MY Spring break is coming up and ill be gone for a week so i bought an automatic feeder and i have a friend whose gunna make sure everythings ok halfway through the week for me. Anyone of you guys ever used one?


----------



## davidpeter (Nov 16, 2016)

if you do plan leaving your pet for 2 weeks and make sure it has 2 food dishes and 2 water bottles maybe get a treat stick, so it can gnaw on that, also you can scatter some food around, and your gonna wanna make sure you lock up the cage good so it doesn't escape while your gone so you could put a clip or something on the cage door, And like skywilling said again maybe you could attach its cage to a bin so whens it is bored it has more space, also if you want to keep it busy you can make some boredom breakers.
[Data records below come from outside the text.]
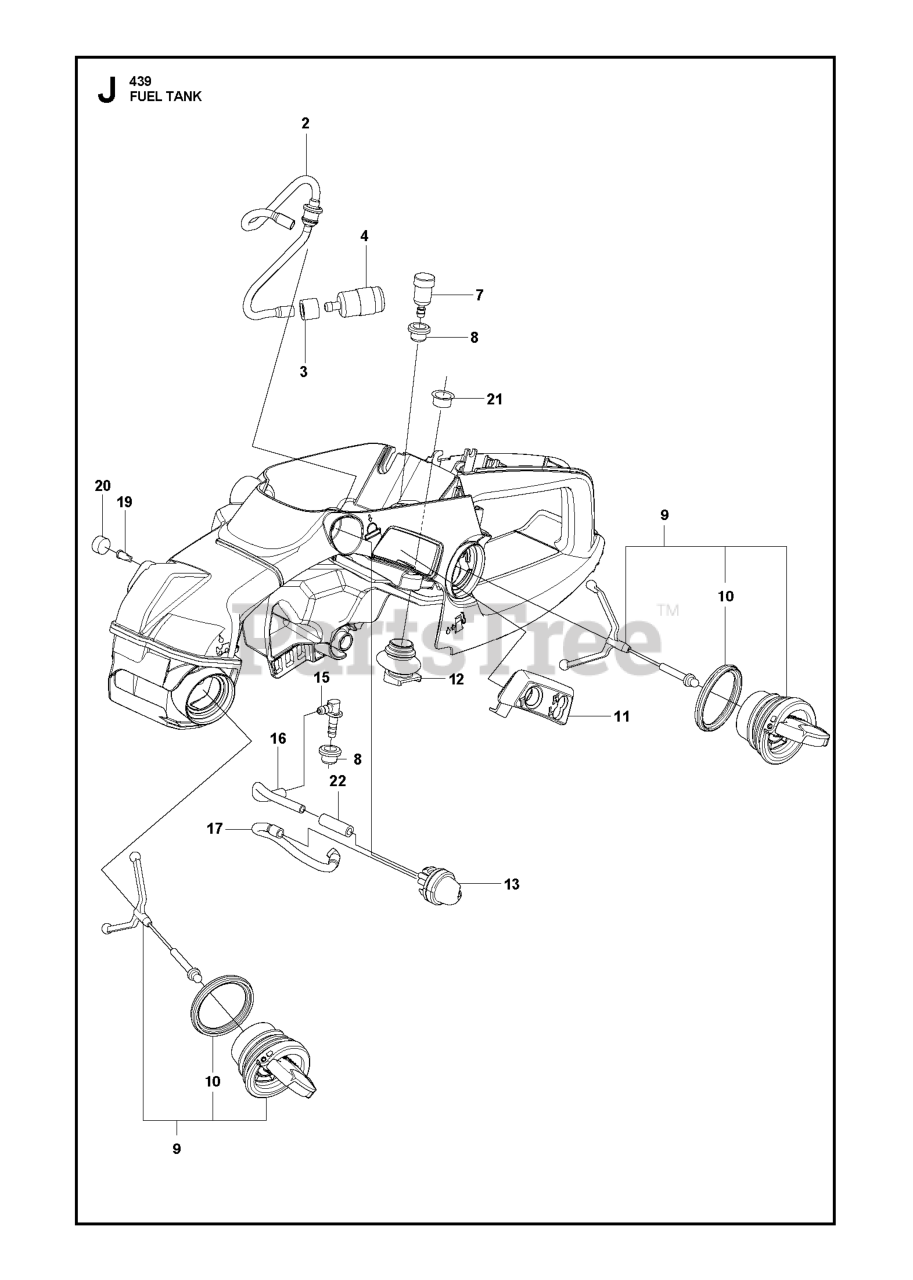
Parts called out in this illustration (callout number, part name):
2	FUEL HOSE ASSY ROHS2
2	HOSES
9	TANK CAP ASSY
10	GASKET TANK CAP
11	GROMMET CARB 439
13	PRIMARY BTN
16	FUEL HOSE L=90 ROHS2
17	FUEL HOSE L=115 ROHS2
19	AIR CONTROL BREATHER
20	BREATHER SEAL

I would do it when i was going on vacation in Lakeside Beach.Even the place has pet friendly Beach Lodges,you can take it with you.


----------



## jalam (Dec 19, 2016)

davidpeter said:


> if you do plan leaving your pet for 2 weeks and make sure it has 2 food dishes and 2 water bottles maybe get a treat stick, so it can gnaw on that, also you can scatter some food around, and your gonna wanna make sure you lock up the cage good so it doesn't escape while your gone so you could put a clip or something on the cage door, And like skywilling said again maybe you could attach its cage to a bin so whens it is bored it has more space, also if you want to keep it busy you can make some boredom breakers. I would do it when i was going on vacation in Lakeside Beach.Even the place has pet friendly Beach Lodges,you can take it with you.


Best...advice...ever.


----------



## wizardslovak (Feb 17, 2007)

i wouldnt worry much , piranhas can survive for long time without food


----------